▸ **WHAT YOU NEED TO DO**: Nothing but the exact lines from the one containing "in a storey), IfcRelDefinesByType, IfcRelAssociatesMaterial" through the last line of the records below belongs in your answer.

Stored items
━━━━

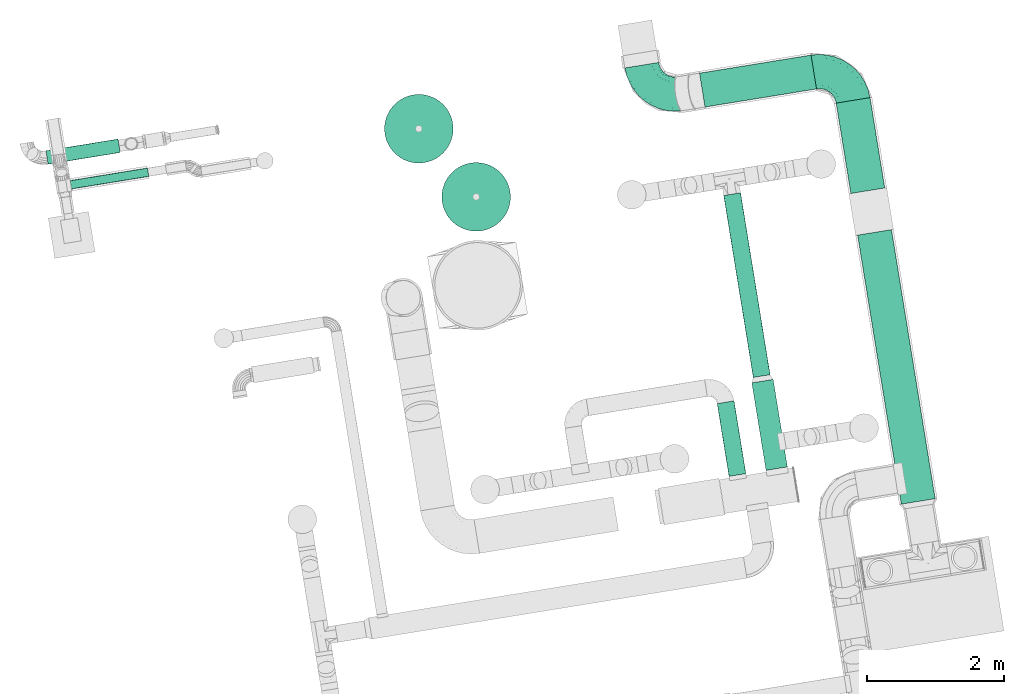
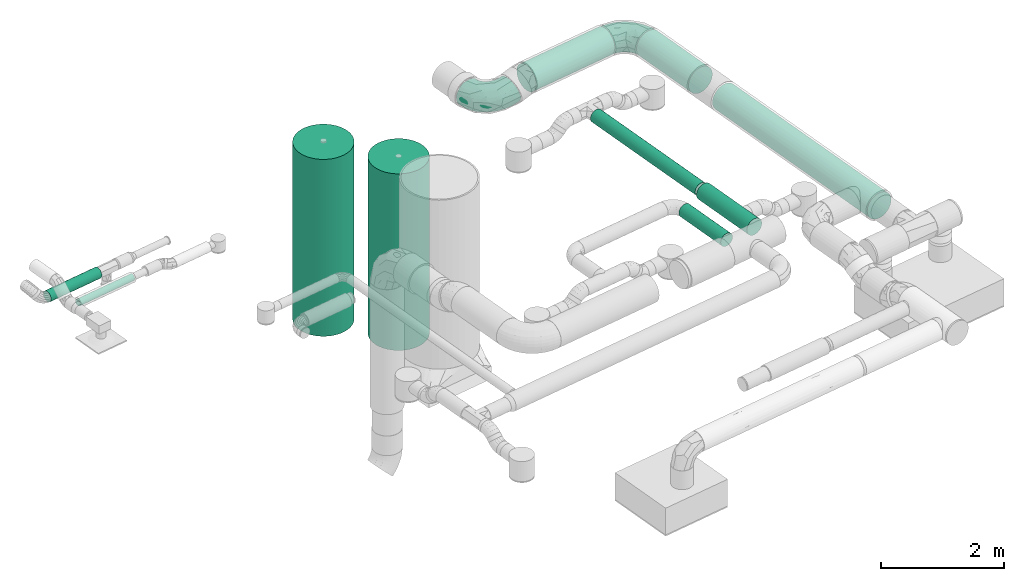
# One storey, part 13 of 39: 10 flow segments, 2 flow fittings.
"""IFC2X3 building model written with IfcOpenShell, lengths in millimetres."""

import ifcopenshell
import ifcopenshell.guid

model = None  # the IFC model being written
_history = None  # IfcOwnerHistory: only IFC2X3 demands one
_inside = {}  # id of a spatial element -> (the spatial element, [elements in it])
_under = {}  # id of a project, library or spatial element -> (it, [spatial elements below it])
_declared = {}  # id of a project -> (the project, [libraries it declares])
_typed = {}  # id of a type object -> (the type object, [elements of that type])
_made_of = {}  # id of a material, layer set ... -> (it, [elements and type objects made of it])


def new_model(schema):
    """Start an empty IFC model of exactly this schema.

    Asked for "IFC4X3", IfcOpenShell would pick the latest addendum, in which some entities
    have other attributes; the version numbers below select the first issue.
    IFC2X3 requires an IfcOwnerHistory on every rooted entity: one is made here for all.
    """
    global model, _history
    if schema == "IFC4X3":
        model = ifcopenshell.file(schema_version=(4, 3, 0, 0))
    else:
        model = ifcopenshell.file(schema=schema)
    _inside.clear()
    _under.clear()
    _declared.clear()
    _typed.clear()
    _made_of.clear()
    _history = None
    if model.schema == "IFC2X3":
        org = make("IfcOrganization", Name="unknown")
        user = make(
            "IfcPersonAndOrganization",
            ThePerson=make("IfcPerson", FamilyName="unknown"),
            TheOrganization=org,
        )
        app = make(
            "IfcApplication",
            ApplicationDeveloper=org,
            Version="unknown",
            ApplicationFullName="unknown",
            ApplicationIdentifier="unknown",
        )
        _history = make(
            "IfcOwnerHistory",
            OwningUser=user,
            OwningApplication=app,
            ChangeAction="ADDED",
            CreationDate=0,
        )
    return model


def make(cls, **values):
    """One entity of the class cls with the attributes given. An attribute that is None is left unset."""
    return model.create_entity(
        cls, **{name: value for name, value in values.items() if value is not None}
    )


def entity(cls, *values):
    """Any entity or typed value of the class cls, its attributes in the order of the schema. None: left unset."""
    e = model.create_entity(cls)
    for i, value in enumerate(values):
        if value is not None:
            e[i] = value
    return e


def rooted(cls, **values):
    """An entity with a GlobalId (a new one), such as an element, a storey or a relation."""
    return make(cls, GlobalId=ifcopenshell.guid.new(), OwnerHistory=_history, **values)


def si_unit(unit_type, name, prefix=None):
    """IfcSIUnit, for example si_unit("LENGTHUNIT", "METRE", prefix="MILLI")."""
    return make("IfcSIUnit", UnitType=unit_type, Prefix=prefix, Name=name)


def converted_unit(unit_type, name, factor, base, dimensions=None, offset=None):
    """IfcConversionBasedUnit, such as the inch: factor (a typed value) times the base unit."""
    return make(
        "IfcConversionBasedUnit"
        if offset is None
        else "IfcConversionBasedUnitWithOffset",
        ConversionOffset=offset,
        Dimensions=None
        if dimensions is None
        else entity("IfcDimensionalExponents", *dimensions),
        UnitType=unit_type,
        Name=name,
        ConversionFactor=make(
            "IfcMeasureWithUnit", ValueComponent=factor, UnitComponent=base
        ),
    )


def derived_unit(unit_type, elements):
    """IfcDerivedUnit: a product of units, each with its exponent."""
    return make(
        "IfcDerivedUnit",
        Elements=[
            make("IfcDerivedUnitElement", Unit=unit, Exponent=power)
            for unit, power in elements
        ],
        UnitType=unit_type,
    )


def assignment(units):
    """IfcUnitAssignment: the units of a project."""
    return None if units is None else make("IfcUnitAssignment", Units=units)


def point(xyz):
    """IfcCartesianPoint."""
    return None if xyz is None else make("IfcCartesianPoint", Coordinates=xyz)


def direction(xyz):
    """IfcDirection."""
    return None if xyz is None else make("IfcDirection", DirectionRatios=xyz)


def frame(location, z_axis=None, x_axis=None):
    """IfcAxis2Placement3D, a coordinate frame: its origin and axes. An axis left out is left unset."""
    return make(
        "IfcAxis2Placement3D",
        Location=point(location),
        Axis=direction(z_axis),
        RefDirection=direction(x_axis),
    )


def frame_2d(location, x_axis=None):
    """IfcAxis2Placement2D, a coordinate frame in the plane: its origin and x axis."""
    return make(
        "IfcAxis2Placement2D", Location=point(location), RefDirection=direction(x_axis)
    )


def origin():
    """The frame at (0, 0, 0) with its axes left unset."""
    return frame((0.0, 0.0, 0.0))


def origin_with_axes():
    """The frame at (0, 0, 0) with the z axis (0, 0, 1) and the x axis (1, 0, 0) written out."""
    return frame((0.0, 0.0, 0.0), z_axis=(0.0, 0.0, 1.0), x_axis=(1.0, 0.0, 0.0))


def origin_2d_with_axis():
    """The frame at (0, 0) in the plane with the x axis (1, 0) written out."""
    return frame_2d((0.0, 0.0), x_axis=(1.0, 0.0))


def place(relative_to, where):
    """IfcLocalPlacement: puts the frame where relative to a parent placement (None: the world)."""
    return make(
        "IfcLocalPlacement", PlacementRelTo=relative_to, RelativePlacement=where
    )


def context(
    kind, dimensions, precision=None, world=None, true_north=None, identifier=None
):
    """IfcGeometricRepresentationContext, for example the 3D "Model" context."""
    return make(
        "IfcGeometricRepresentationContext",
        ContextIdentifier=identifier,
        ContextType=kind,
        CoordinateSpaceDimension=dimensions,
        Precision=precision,
        WorldCoordinateSystem=world,
        TrueNorth=true_north,
    )


def subcontext(parent, identifier, kind, view, scale=None):
    """IfcGeometricRepresentationSubContext, for example "Body" below "Model"."""
    return make(
        "IfcGeometricRepresentationSubContext",
        ContextIdentifier=identifier,
        ContextType=kind,
        ParentContext=parent,
        TargetScale=scale,
        TargetView=view,
    )


def project(units=None, contexts=None):
    """IfcProject with its units and contexts."""
    return rooted(
        "IfcProject",
        Name="project",
        RepresentationContexts=contexts,
        UnitsInContext=assignment(units),
    )


def spatial(cls, under=None, at=None, **own):
    """A site, building, storey or space (cls), placed at a placement, below another one or the project."""
    s = rooted(cls, ObjectPlacement=at, **own)
    if under is not None:
        _under.setdefault(under.id(), (under, []))[1].append(s)
    return s


def profile(cls, at=None, kind="AREA", **sizes):
    """A parametric profile (cls). Its sizes go by their IFC names, for example OverallWidth=200.0."""
    return make(cls, ProfileType=kind, Position=at, **sizes)


def circle(**sizes):
    """IfcCircleProfileDef."""
    return profile("IfcCircleProfileDef", **sizes)


def extrude(swept, where, along, depth):
    """IfcExtrudedAreaSolid: the profile swept, set in the frame where, extruded along a direction by depth."""
    return make(
        "IfcExtrudedAreaSolid",
        SweptArea=swept,
        Position=where,
        ExtrudedDirection=direction(along),
        Depth=depth,
    )


def faces_of(points, faces, orient=None, outer=None):
    """IfcFace entities. A face is a list of loops; a loop is a list of indices into points, from 0.

    orient and outer hold one flag for each loop. By default every Orientation is true, the
    first loop of a face is its IfcFaceOuterBound and the others are IfcFaceBound.
    """
    made = []
    for i, loops in enumerate(faces):
        bounds = []
        for j, loop in enumerate(loops):
            is_outer = j == 0 if outer is None else outer[i][j]
            bounds.append(
                make(
                    "IfcFaceOuterBound" if is_outer else "IfcFaceBound",
                    Bound=make("IfcPolyLoop", Polygon=[points[k] for k in loop]),
                    Orientation=True if orient is None else orient[i][j],
                )
            )
        made.append(make("IfcFace", Bounds=bounds))
    return made


def faceted_brep(points, faces, orient=None, outer=None, voids=None):
    """IfcFacetedBrep: a solid bounded by flat faces; with voids (closed shells), ...WithVoids."""
    shared = [point(p) for p in points]
    hull = make("IfcClosedShell", CfsFaces=faces_of(shared, faces, orient, outer))
    if voids is None:
        return make("IfcFacetedBrep", Outer=hull)
    return make(
        "IfcFacetedBrepWithVoids",
        Outer=hull,
        Voids=[
            make(cls, CfsFaces=faces_of(shared, fs, o, b)) for cls, fs, o, b in voids
        ],
    )


def shape(context_of_items, identifier, shape_type, items):
    """IfcShapeRepresentation: the items that make up one representation, for example the "Body"."""
    return make(
        "IfcShapeRepresentation",
        ContextOfItems=context_of_items,
        RepresentationIdentifier=identifier,
        RepresentationType=shape_type,
        Items=items,
    )


def source(mapping_origin, context_of_items, identifier, shape_type, items):
    """IfcRepresentationMap: a shape defined once, which mapped items show again and again."""
    return make(
        "IfcRepresentationMap",
        MappingOrigin=mapping_origin,
        MappedRepresentation=shape(context_of_items, identifier, shape_type, items),
    )


def transform(
    local_origin,
    x_axis=None,
    y_axis=None,
    z_axis=None,
    scale=None,
    scale2=None,
    scale3=None,
    uniform=True,
):
    """IfcCartesianTransformationOperator3D, or its non-uniform kind. x_axis, y_axis, z_axis: its Axis1, 2, 3."""
    if uniform:
        return make(
            "IfcCartesianTransformationOperator3D",
            Axis1=direction(x_axis),
            Axis2=direction(y_axis),
            LocalOrigin=point(local_origin),
            Scale=scale,
            Axis3=direction(z_axis),
        )
    return make(
        "IfcCartesianTransformationOperator3DnonUniform",
        Axis1=direction(x_axis),
        Axis2=direction(y_axis),
        LocalOrigin=point(local_origin),
        Scale=scale,
        Axis3=direction(z_axis),
        Scale2=scale2,
        Scale3=scale3,
    )


def mapped(mapping_source, mapping_target):
    """IfcMappedItem: shows the shape of a source again, moved by a transform."""
    return make(
        "IfcMappedItem", MappingSource=mapping_source, MappingTarget=mapping_target
    )


def material(Name=None, Category=None):
    """IfcMaterial."""
    return make("IfcMaterial", Name=Name, Category=Category)


def made_of(thing, what):
    """Note that an element or type object is made of a material, layer set ...; save() writes the relation."""
    if what is not None:
        _made_of.setdefault(what.id(), (what, []))[1].append(thing)
    return thing


def type_object(cls, material=None, **own):
    """A type object (cls), such as IfcWallType, which elements share."""
    return made_of(rooted(cls, **own), material)


def element(
    cls,
    number,
    at=None,
    inside=None,
    cuts=None,
    type_object=None,
    material=None,
    context=None,
    identifier="Body",
    shape_type=None,
    held_by="IfcProductDefinitionShape",
    body=None,
    shapes=None,
    **own,
):
    """One element of the class cls, such as IfcWall. Its Tag is "e" and its number.

    at: its placement. inside: the storey or other place that contains it. cuts: it is an
    opening in that element (IfcRelVoidsElement). A single representation is given by context,
    identifier, shape_type and body (its items); several are given by shapes. held_by: the class
    of the entity that holds the representations. save() writes the other relations.
    """
    e = rooted(cls, Tag="e%d" % number, ObjectPlacement=at, **own)
    if body is not None:
        shapes = [shape(context, identifier, shape_type, body)]
    if shapes is not None:
        e.Representation = make(held_by, Representations=shapes)
    if inside is not None:
        _inside.setdefault(inside.id(), (inside, []))[1].append(e)
    if cuts is not None:
        rooted(
            "IfcRelVoidsElement", RelatingBuildingElement=cuts, RelatedOpeningElement=e
        )
    if type_object is not None:
        _typed.setdefault(type_object.id(), (type_object, []))[1].append(e)
    return made_of(e, material)


def aggregate(whole, parts):
    """IfcRelAggregates: a whole, such as a stair, and the parts it consists of."""
    return rooted("IfcRelAggregates", RelatingObject=whole, RelatedObjects=parts)


def save(model, path):
    """Write the relations noted so far, then the file.

    IfcRelAggregates (storeys below a building ...), IfcRelContainedInSpatialStructure (elements
    in a storey), IfcRelDefinesByType, IfcRelAssociatesMaterial and IfcRelDeclares: one each for
    every whole, place, type object, material and project.
    """
    for whole, parts in _under.values():
        aggregate(whole, parts)
    for where, things in _inside.values():
        rooted(
            "IfcRelContainedInSpatialStructure",
            RelatedElements=things,
            RelatingStructure=where,
        )
    for kind, things in _typed.values():
        rooted("IfcRelDefinesByType", RelatedObjects=things, RelatingType=kind)
    for what, things in _made_of.values():
        rooted("IfcRelAssociatesMaterial", RelatedObjects=things, RelatingMaterial=what)
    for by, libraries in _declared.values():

━━━━

▸ **EXERCISE RESULT**:
    in a storey), IfcRelDefinesByType, IfcRelAssociatesMaterial and IfcRelDeclares: one each for
    every whole, place, type object, material and project.
    """
    for whole, parts in _under.values():
        aggregate(whole, parts)
    for where, things in _inside.values():
        rooted(
            "IfcRelContainedInSpatialStructure",
            RelatedElements=things,
            RelatingStructure=where,
        )
    for kind, things in _typed.values():
        rooted("IfcRelDefinesByType", RelatedObjects=things, RelatingType=kind)
    for what, things in _made_of.values():
        rooted("IfcRelAssociatesMaterial", RelatedObjects=things, RelatingMaterial=what)
    for by, libraries in _declared.values():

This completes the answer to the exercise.